Kylie Moore-Gilbert predicts revolution in Iran as her former prison burns

Kylie Moore-Gilbert predicts revolution in Iran as her former prison burns

Kylie Moore-Gilbert watched the prison that held her for 804 days on trumped-up espionage charges become the burning epicentre of Iran’s civil unrest on Sunday, gripped by concern for her former inmates and with the growing sense that Iran was in the early throes of a revolution.

Evin prison holds many of Iran’s political and dual-national detainees and is notorious for human rights abuses. A huge fire broke out at the prison on Saturday, local time, with witnesses and local media reporting gunshots and explosions within its walls.

Kylie Moore-Gilbert fears for her friends stuck in Evin prison, which was set on fire amid Iran’s civil uprising.Credit: Scott McNaughton 

“It looks completely horrific,” said Moore-Gilbert, who was released from Evin in November 2020.

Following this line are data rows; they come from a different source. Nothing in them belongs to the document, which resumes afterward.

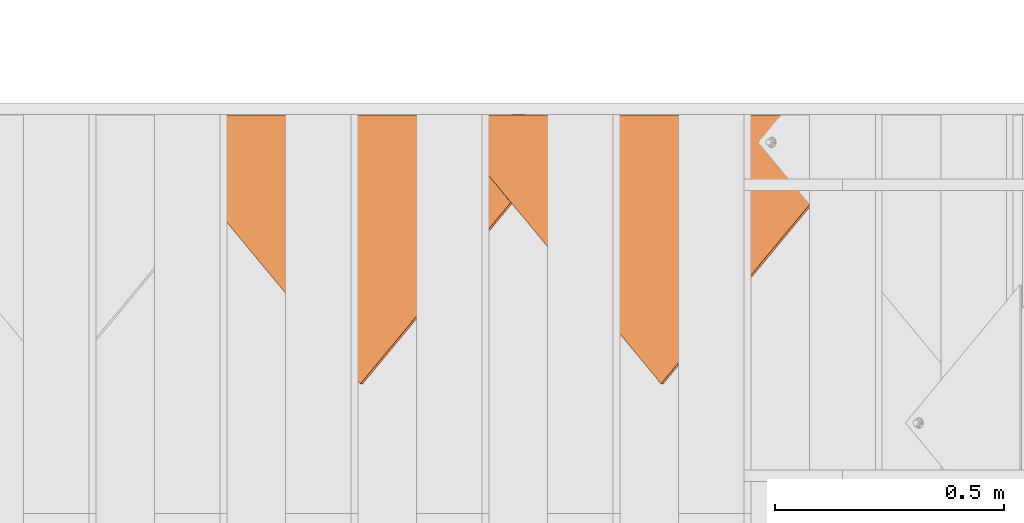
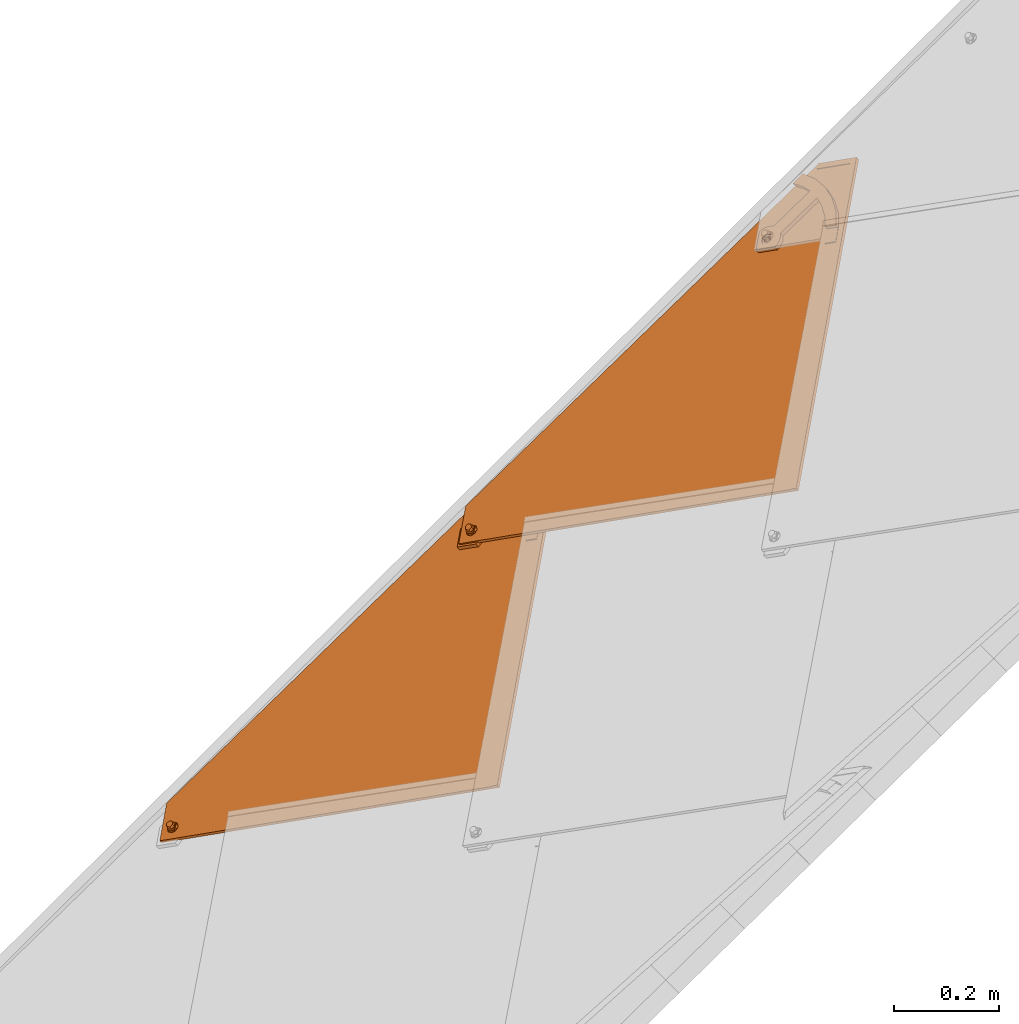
# One storey, part 84 of 133: 2 proxies.
"""IFC2X3 building model written with IfcOpenShell, lengths in millimetres."""

from ifc_helpers import new_model, entity, si_unit, converted_unit, derived_unit, direction, frame, origin, place, context, subcontext, project, spatial, faceted_brep, source, transform, mapped, material, material_list, type_object, type_shapes, element, save


model = new_model("IFC2X3")

# Units and contexts
model_context = context("Model", 3, precision=0.01, world=origin(), true_north=direction((6.12303176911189e-17, 1.0)))
body_context = subcontext(model_context, "Body", "Model", "MODEL_VIEW")
ifc_project = project(units=[si_unit("LENGTHUNIT", "METRE", prefix="MILLI"), si_unit("AREAUNIT", "SQUARE_METRE"), si_unit("VOLUMEUNIT", "CUBIC_METRE"), converted_unit("PLANEANGLEUNIT", "DEGREE", entity("IfcRatioMeasure", 0.0174532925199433), si_unit("PLANEANGLEUNIT", "RADIAN"), dimensions=[0, 0, 0, 0, 0, 0, 0]), si_unit("MASSUNIT", "GRAM", prefix="KILO"), derived_unit("MASSDENSITYUNIT", [(si_unit("MASSUNIT", "GRAM", prefix="KILO"), 1), (si_unit("LENGTHUNIT", "METRE"), -3)]), si_unit("TIMEUNIT", "SECOND"), si_unit("FREQUENCYUNIT", "HERTZ"), si_unit("THERMODYNAMICTEMPERATUREUNIT", "DEGREE_CELSIUS"), derived_unit("THERMALTRANSMITTANCEUNIT", [(si_unit("MASSUNIT", "GRAM", prefix="KILO"), 1), (si_unit("THERMODYNAMICTEMPERATUREUNIT", "KELVIN"), -1), (si_unit("TIMEUNIT", "SECOND"), -3)]), derived_unit("VOLUMETRICFLOWRATEUNIT", [(si_unit("LENGTHUNIT", "METRE"), 3), (si_unit("TIMEUNIT", "SECOND"), -1)]), si_unit("ELECTRICCURRENTUNIT", "AMPERE"), si_unit("ELECTRICVOLTAGEUNIT", "VOLT"), si_unit("POWERUNIT", "WATT"), si_unit("FORCEUNIT", "NEWTON", prefix="KILO"), si_unit("ILLUMINANCEUNIT", "LUX"), si_unit("LUMINOUSFLUXUNIT", "LUMEN"), si_unit("LUMINOUSINTENSITYUNIT", "CANDELA"), derived_unit("USERDEFINED", [(si_unit("MASSUNIT", "GRAM", prefix="KILO"), -1), (si_unit("LENGTHUNIT", "METRE"), -2), (si_unit("TIMEUNIT", "SECOND"), 3), (si_unit("LUMINOUSFLUXUNIT", "LUMEN"), 1)]), derived_unit("LINEARVELOCITYUNIT", [(si_unit("LENGTHUNIT", "METRE"), 1), (si_unit("TIMEUNIT", "SECOND"), -1)]), si_unit("PRESSUREUNIT", "PASCAL"), derived_unit("USERDEFINED", [(si_unit("LENGTHUNIT", "METRE"), -2), (si_unit("MASSUNIT", "GRAM", prefix="KILO"), 1), (si_unit("TIMEUNIT", "SECOND"), -2)])], contexts=[model_context])

# Site, building, storey
site_placement = place(None, origin())
site = spatial("IfcSite", under=ifc_project, at=site_placement, Name="Default", CompositionType="ELEMENT")
building_placement = place(site_placement, origin())
building = spatial("IfcBuilding", under=site, at=building_placement, CompositionType="ELEMENT")
storey_placement = place(building_placement, origin())
storey = spatial("IfcBuildingStorey", under=building, at=storey_placement, Name="Level 1", CompositionType="ELEMENT", Elevation=0.0)

# Proxies
ifc_material_1 = material(Name="Rubber - Sunstyle - Black")
ifc_material_2 = material(Name="Glass - Sunstyle - Tainted Black")
ifc_material_list_1 = material_list([ifc_material_1, ifc_material_2])
ifc_material_list_2 = material_list([ifc_material_1, ifc_material_2])
building_element_proxy_type = type_object("IfcBuildingElementProxyType", Name="Shingle Left - Black", PredefinedType="NOTDEFINED", material=ifc_material_list_2)
shared_shape = source(origin(), body_context, "Body", "Brep", [
    faceted_brep([(0.0, -484.792260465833, 4.00636906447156), (-5.77420283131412, -488.125530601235, 4.06219304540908), (-5.77420283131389, -487.757221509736, 26.0540623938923), (0.0, -484.423951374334, 25.9982384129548), (-5.77420283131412, -494.792070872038, 4.17384100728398), (-5.7742028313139, -494.42376178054, 26.1657103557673), (0.0, -498.12534100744, 4.22966498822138), (0.0, -497.757031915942, 26.2215343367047), (5.77420283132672, -494.792070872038, 4.17384100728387), (5.77420283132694, -494.42376178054, 26.1657103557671), (5.77420283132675, -488.125530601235, 4.06219304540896), (5.77420283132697, -487.757221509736, 26.0540623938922), (-8.60370416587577, -499.692989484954, 26.2539568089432), (0.0, -503.256260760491, 26.3136327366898), (-12.1674751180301, -491.090491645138, 26.1098863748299), (-8.60370416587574, -482.487993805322, 25.9658159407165), (0.0, -478.924722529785, 25.9061400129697), (8.60370416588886, -482.487993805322, 25.9658159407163), (12.1674751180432, -491.090491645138, 26.1098863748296), (8.60370416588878, -499.692989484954, 26.253956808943), (-11.324244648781, -488.795414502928, 28.4227283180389), (-9.75647455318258, -491.019476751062, 30.3502110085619), (0.0, -483.706401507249, 30.9829114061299), (0.0, -482.465903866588, 30.4025647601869), (0.0, -480.308353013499, 29.3931896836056), (0.0, -502.700216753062, 27.5886907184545), (0.0, -501.756640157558, 29.7523951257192), (0.0, -498.307264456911, 31.2274395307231), (0.0, -479.437758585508, 27.1991024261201), (-6.32324569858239, -494.657048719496, 31.1663074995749), (-6.32324569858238, -487.356617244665, 31.0440434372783), (11.3242446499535, -493.306834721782, 28.498283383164), (9.84888015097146, -492.093883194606, 30.2713428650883), (6.32324569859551, -487.356617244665, 31.0440434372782), (6.32324569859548, -494.657048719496, 31.1663074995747), (-6.32324569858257, -494.523020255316, 39.1691956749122), (0.0, -498.173235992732, 39.2303277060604), (0.0, -490.8728045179, 39.1080636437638), (-6.32324569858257, -487.222588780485, 39.0469316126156), (6.32324569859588, -494.523020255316, 39.1691956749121), (6.32324569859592, -487.222588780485, 39.0469316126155), (0.0, -483.572373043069, 38.9857995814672), (0.0, -491.458800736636, 4.11801702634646)], [[[0, 1, 2, 3]], [[1, 4, 5, 2]], [[4, 6, 7, 5]], [[6, 8, 9, 7]], [[8, 10, 11, 9]], [[10, 0, 3, 11]], [[12, 7, 13]], [[7, 12, 5]], [[14, 5, 12]], [[5, 14, 2]], [[15, 2, 14]], [[3, 2, 15]], [[15, 16, 3]], [[16, 17, 3]], [[11, 3, 17]], [[11, 17, 18]], [[9, 11, 18]], [[18, 19, 9]], [[7, 9, 19]], [[19, 13, 7]], [[20, 14, 12]], [[21, 22, 23, 24]], [[24, 20, 21]], [[25, 20, 12]], [[26, 27, 21]], [[15, 14, 20]], [[12, 13, 25]], [[20, 28, 15]], [[28, 20, 24]], [[21, 27, 29]], [[21, 29, 30]], [[26, 21, 20]], [[20, 25, 26]], [[15, 28, 16]], [[21, 30, 22]], [[31, 18, 17]], [[28, 31, 17]], [[32, 27, 26]], [[26, 31, 32]], [[26, 25, 31]], [[25, 19, 31]], [[17, 16, 28]], [[31, 19, 18]], [[24, 31, 28]], [[33, 34, 32]], [[23, 22, 33]], [[24, 32, 31]], [[27, 32, 34]], [[32, 23, 33]], [[19, 25, 13]], [[32, 24, 23]], [[35, 36, 37]], [[37, 38, 35]], [[36, 39, 37]], [[40, 37, 39]], [[37, 40, 41]], [[37, 41, 38]], [[42, 6, 4]], [[4, 1, 42]], [[1, 0, 42]], [[42, 8, 6]], [[0, 10, 42]], [[8, 42, 10]], [[22, 30, 38, 41]], [[30, 29, 35, 38]], [[29, 27, 36, 35]], [[27, 34, 39, 36]], [[34, 33, 40, 39]], [[33, 22, 41, 40]]]),
    faceted_brep([(0.0, 284.339364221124, 20.2838091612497), (0.0, 288.838732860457, 20.2084559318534), (-8.60370416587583, 287.902635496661, 20.224133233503), (8.60370416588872, 287.902635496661, 20.2241332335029), (6.64022859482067, 292.671933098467, 20.1442593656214), (12.1674751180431, 296.505133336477, 20.0800627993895), (6.64022859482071, 300.338333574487, 20.0158662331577), (8.6037041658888, 305.107631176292, 19.9359923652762), (0.0, 304.171533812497, 19.9516696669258), (0.0, 308.670902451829, 19.8763164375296), (-8.60370416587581, 305.107631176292, 19.9359923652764), (-6.64022859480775, 300.338333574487, 20.0158662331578), (-12.1674751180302, 296.505133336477, 20.0800627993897), (-6.64022859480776, 292.671933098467, 20.1442593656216), (-6.64022823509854, 300.070410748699, 4.01810959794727), (0.0, 303.90361077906, 3.95391303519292), (-6.64022823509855, 292.404010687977, 4.14650272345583), (0.0, 288.570810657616, 4.21069928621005), (6.64022823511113, 292.404010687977, 4.1465027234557), (6.64022823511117, 300.070410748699, 4.01810959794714), (-8.603704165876, 287.634712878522, 4.22637659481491), (0.0, 284.071441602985, 4.28605252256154), (-12.1674751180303, 296.237210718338, 4.08230616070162), (-8.60370416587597, 304.839708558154, 3.93823572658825), (0.0, 308.402979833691, 3.87855979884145), (8.60370416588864, 304.839708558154, 3.93823572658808), (12.1674751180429, 296.237210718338, 4.08230616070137), (8.60370416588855, 287.634712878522, 4.22637659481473)], [[[0, 1, 2]], [[1, 0, 3]], [[3, 4, 1]], [[4, 3, 5]], [[6, 4, 5]], [[5, 7, 6]], [[7, 8, 6]], [[8, 7, 9]], [[8, 9, 10]], [[10, 11, 8]], [[12, 11, 10]], [[2, 13, 12]], [[12, 13, 11]], [[13, 2, 1]], [[8, 11, 14, 15]], [[11, 13, 16, 14]], [[13, 1, 17, 16]], [[1, 4, 18, 17]], [[4, 6, 19, 18]], [[6, 8, 15, 19]], [[20, 17, 21]], [[17, 20, 16]], [[22, 16, 20]], [[14, 16, 22]], [[23, 14, 22]], [[15, 14, 23]], [[23, 24, 15]], [[24, 25, 15]], [[19, 15, 25]], [[19, 25, 26]], [[26, 18, 19]], [[26, 27, 18]], [[17, 18, 27]], [[27, 21, 17]], [[24, 23, 10, 9]], [[10, 23, 22, 12]], [[20, 21, 0, 2]], [[20, 2, 12, 22]], [[21, 27, 3, 0]], [[3, 27, 26, 5]], [[25, 24, 9, 7]], [[25, 7, 5, 26]]]),
    faceted_brep([(518.309865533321, -8.21171787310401, 16.4411500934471), (526.794551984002, 0.272968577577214, 16.299052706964), (526.794551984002, 0.298086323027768, 17.798842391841), (518.309865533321, -8.18660012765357, 17.9409397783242), (0.0, 509.952813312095, 7.76318349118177), (-51.6190674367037, 458.348219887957, 8.62743202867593), (-60.1037538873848, 466.832906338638, 8.48533464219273), (0.0, 526.919807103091, 7.47902856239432), (0.0, 526.944924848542, 8.97881824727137), (-60.1037538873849, 466.858024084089, 9.98512432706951), (-51.6190674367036, 458.373337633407, 10.1272217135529), (0.0, 509.977931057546, 9.26297317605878)], [[[0, 1, 2, 3]], [[1, 0, 4, 5, 6, 7]], [[2, 1, 7, 8]], [[3, 2, 8, 9, 10, 11]], [[0, 3, 11, 4]], [[5, 10, 9, 6]], [[8, 7, 6, 9]], [[4, 11, 10, 5]]]),
    faceted_brep([(3.08877637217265, 308.328619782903, 11.1398870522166), (0.0, 526.91980710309, 7.47902856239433), (-60.1037538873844, 466.832906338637, 8.48533464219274), (5.98294783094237, 307.129982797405, 11.1599612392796), (-0.0170521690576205, 308.737452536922, 11.133040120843), (8.46822920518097, 305.223226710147, 11.1918946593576), (10.3752526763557, 302.738293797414, 11.2335111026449), (11.5740577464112, 299.844528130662, 11.2819744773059), (526.794551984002, 0.272968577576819, 16.299052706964), (11.9829478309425, 296.739135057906, 11.3339820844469), (11.5740577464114, 293.63374198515, 11.3859896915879), (10.3752526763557, 290.739976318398, 11.4344530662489), (8.46822920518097, 288.255043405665, 11.4760695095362), (5.9829478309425, 286.348287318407, 11.5080029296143), (3.08877637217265, 285.149650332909, 11.5280771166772), (2.03352718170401, -483.329519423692, 24.3981910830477), (-60.1037538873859, -466.286969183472, 24.112770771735), (-0.0170521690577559, 284.74081757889, 11.5349240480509), (-3.12288071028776, 285.149650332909, 11.5280771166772), (-6.01705216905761, 286.348287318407, 11.5080029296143), (-8.50233354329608, 288.255043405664, 11.4760695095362), (-10.409357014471, 290.739976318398, 11.4344530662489), (-11.6081620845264, 293.63374198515, 11.3859896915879), (-12.0170521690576, 296.739135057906, 11.3339820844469), (-11.6081620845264, 299.844528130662, 11.2819744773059), (-10.4093570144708, 302.738293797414, 11.2335111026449), (-8.50233354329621, 305.223226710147, 11.1918946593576), (-6.01705216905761, 307.129982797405, 11.1599612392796), (-3.12288071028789, 308.328619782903, 11.1398870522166), (-0.0370251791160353, -483.056964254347, 24.3936264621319), (-2.10757753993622, -483.329519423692, 24.3981910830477), (-4.03702517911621, -484.128610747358, 24.411573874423), (-5.69387942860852, -485.399781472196, 24.4328628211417), (-6.96522840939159, -487.056403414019, 24.4606071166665), (-7.76443178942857, -488.985580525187, 24.4929160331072), (-8.03702517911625, -491.055842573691, 24.5275877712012), (-7.76443178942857, -493.126104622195, 24.5622595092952), (-6.96522840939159, -495.055281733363, 24.5945684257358), (0.0, -526.373869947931, 25.1190768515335), (-5.69387942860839, -496.711903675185, 24.6223127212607), (-4.03702517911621, -497.983074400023, 24.6436016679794), (-2.10757753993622, -498.782165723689, 24.6569844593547), (-0.0370251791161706, -499.054720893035, 24.6615490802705), (2.03352718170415, -498.782165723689, 24.6569844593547), (3.96297482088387, -497.983074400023, 24.6436016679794), (5.61982907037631, -496.711903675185, 24.6223127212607), (6.89117805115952, -495.055281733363, 24.5945684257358), (7.6903814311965, -493.126104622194, 24.5622595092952), (3.96297482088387, -484.128610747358, 24.411573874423), (5.61982907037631, -485.399781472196, 24.4328628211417), (6.89117805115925, -487.056403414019, 24.4606071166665), (7.6903814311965, -488.985580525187, 24.4929160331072), (7.96297482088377, -491.055842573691, 24.5275877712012), (-60.1037538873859, -466.412557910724, 16.6138223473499), (-6.96522840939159, -487.181992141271, 16.9616586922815), (-7.7644317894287, -489.111169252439, 16.9939676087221), (-5.69387942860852, -485.525370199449, 16.9339143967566), (-8.03702517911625, -491.181431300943, 17.0286393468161), (-7.76443178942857, -493.251693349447, 17.0633110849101), (-6.96522840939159, -495.180870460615, 17.0956200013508), (0.0, -526.499458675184, 17.6201284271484), (-4.03702517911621, -484.254199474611, 16.9126254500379), (-2.10757753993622, -483.455108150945, 16.8992426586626), (-0.0370251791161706, -483.182552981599, 16.8946780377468), (2.03352718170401, -483.455108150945, 16.8992426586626), (3.08877637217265, 285.024061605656, 4.02912869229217), (-0.0170521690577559, 284.615228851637, 4.03597562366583), (-3.12288071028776, 285.024061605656, 4.02912869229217), (-6.01705216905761, 286.222698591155, 4.00905450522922), (-8.50233354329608, 288.129454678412, 3.97712108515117), (-10.409357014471, 290.614387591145, 3.93550464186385), (-11.6081620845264, 293.508153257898, 3.88704126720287), (-60.1037538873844, 466.707317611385, 0.986386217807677), (-12.0170521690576, 296.613546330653, 3.83503366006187), (-11.6081620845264, 299.718939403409, 3.78302605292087), (-10.4093570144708, 302.612705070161, 3.73456267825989), (-8.50233354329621, 305.097637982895, 3.69294623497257), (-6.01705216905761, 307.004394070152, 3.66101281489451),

“You’ve got huge plumes of smoke and guards projecting missiles into the prison, presumably to try and prevent a mass breakout or put a lid on the unrest. The idea of being locked in a ward and smelling fire and smoke and hearing uproar around you and not knowing what’s going on or not being able to escape or get out or protect yourself must be terrifying.”

Iran’s state-run IRNA reported there were clashes between prisoners in one ward and prison personnel, citing a senior security official. The official said prisoners set fire to a warehouse full of prison uniforms, which caused the blaze. He said the “rioters” were separated from the other prisoners to de-escalate the conflict.

The official said that the “situation is completely under control” and that firefighters were extinguishing the flames. Later, Tehran prosecutor Ali Salehi said that “peace” had returned to the prison and that the unrest was not related to the protests which have swept the country for four weeks.

Online footage circulated showing the fire at Evin prison fire in Tehran.Credit:1500tasvir

Videos posted online showed shots ringing out as plumes of smoke rose into the sky amid the sound of an alarm. A protest broke out on the street soon after, with people burning tyres and chanting. Motorists beeped their horns to show solidarity with the protesters. Ambulances and fire trucks rushed towards the prison. The internet was blocked in the area.

The prison fire occurred as protesters intensified anti-government demonstrations along main streets and at universities in some cities across Iran on Saturday. Human rights monitors reported hundreds dead, including children, as the movement concluded its fourth week.

Some speculated that the fire was deliberately lit by the regime, but Moore-Gilbert said it was more likely caused by the prisoners, who have been staging sit-ins and protests since the country erupted four weeks ago over the death of 22-year-old Mahsa Amini in police custody. Amini was arrested by Iran’s morality police in Tehran for violating the Islamic Republic’s strict dress code.

She said the prisoners had access to fire-starting materials such as lighters and gas. They were well aware of the protests outside the prison walls and had been heard chanting “Death to the Dictator” – a reference to Supreme Leader Ayatollah Ali Khamenei – which was one of the slogans of the movement.

“You can see how that could lead to a clash that could get out of hand and lead to a fire,” she said.

Moore-Gilbert was kept in solitary confinement during her time at Evin. But she saw other wards crowded with hundreds of prisoners and only one or two guards, who could easily be overpowered. Once, while she was in Qarchak prison, the prisoners rioted by banging on doors and chanting slogans. A couple of weeks later, by which time she had left that prison, police entered the ward and beat up the prisoners.

The families of Moore-Gilbert’s friends in Evin have confirmed that they are safe, but she fears for them still.

“I’m just so worried about my friends and there are so many people in there, so many brave and inspirational women who have been involved in these protests and it’s just horrific to think about. It’s too early to know what’s going to happen, but it looks like it’s going to be a revolution. Iran can’t go back to what it was before, that’s for sure.

“I really hope they’re going to break into Evin prison and let all the prisoners out and that my friends are among them.”